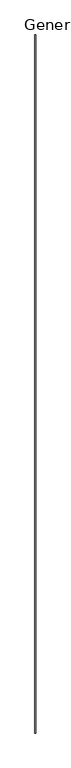
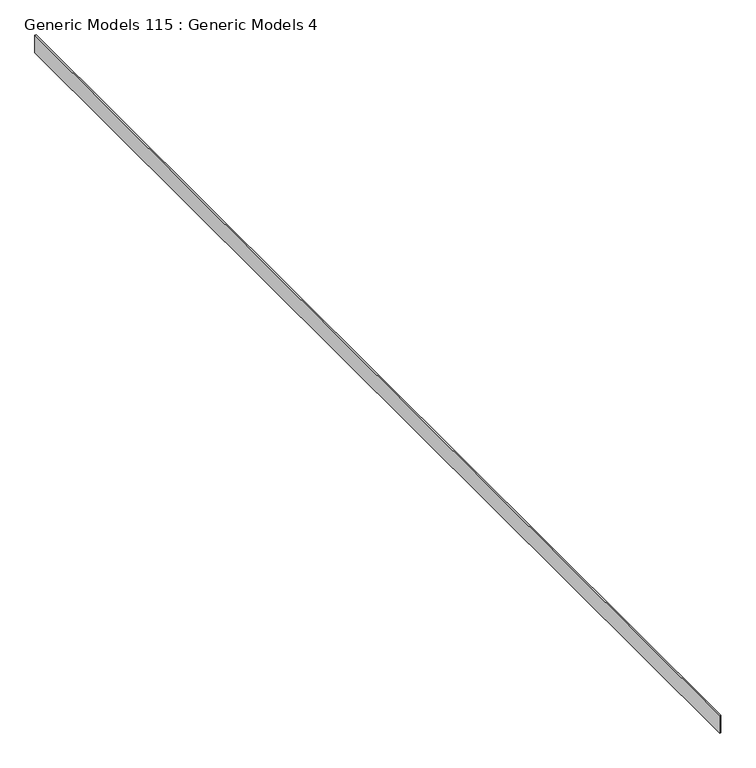
"""IFC4 building model written with IfcOpenShell, lengths in millimetres: proxy geometry, Generic Models 115 : Generic Models 4."""

from ifc_helpers import new_model, si_unit, frame, origin, place, context, project, spatial, polyline, outline, extrude, source, transform, mapped, element, save


def generic_models_115_generic_models_4_6853b713(model_context):
    return source(origin(), model_context, "Body", "SweptSolid", [
        extrude(outline(polyline([(7253.8514146, -6864.9230338), (7234.8014146, -6864.9230338), (7234.8014146, 11778.6769662), (7253.8514146, 11778.6769662), (7253.8514146, -6864.9230338)])), frame((0.0, 0.0, 126809.341198), z_axis=(0.0, 0.0, 1.0), x_axis=(1.0, 0.0, 0.0)), (0.0, 0.0, 1.0), 290.7625207),
    ])


if __name__ == "__main__":
    model = new_model("IFC4")
    model_context = context("Model", 3, world=origin())
    ifc_project = project(units=[si_unit("LENGTHUNIT", "METRE", prefix="MILLI")], contexts=[model_context])
    site = spatial("IfcSite", under=ifc_project)
    building = spatial("IfcBuilding", under=site)
    placement = place(None, origin())
    generic_models_115_generic_models_4_shape = generic_models_115_generic_models_4_6853b713(model_context)
    element("IfcBuildingElementProxy", 1, Name="Generic Models 115 : Generic Models 4", ObjectType="Generic Models 115 : Generic Models 4", at=placement, inside=building, context=model_context, shape_type="MappedRepresentation", body=[
        mapped(generic_models_115_generic_models_4_shape, transform((0.0, 0.0, 0.0), x_axis=(1.0, 0.0, 0.0), y_axis=(0.0, 1.0, 0.0), z_axis=(0.0, 0.0, 1.0))),
    ])
    save(model, "model.ifc")

# Revit data of these elements
# Element 1 (IfcBuildingElementProxy, "Generic Models 115 : Generic Models 4")
#   Materials on its faces: "_CDX PLYWOOD - SEE STRUCT DWGs"
# Materials
#   "_CDX PLYWOOD - SEE STRUCT DWGs": class "Generic", colour RGB 98 75 74, transparency 0, Cost = 0
++++++++++++++++++++
What you should do - Could you tally the lines in these records that contain the word "save" and give only the result?

Exercise response - 2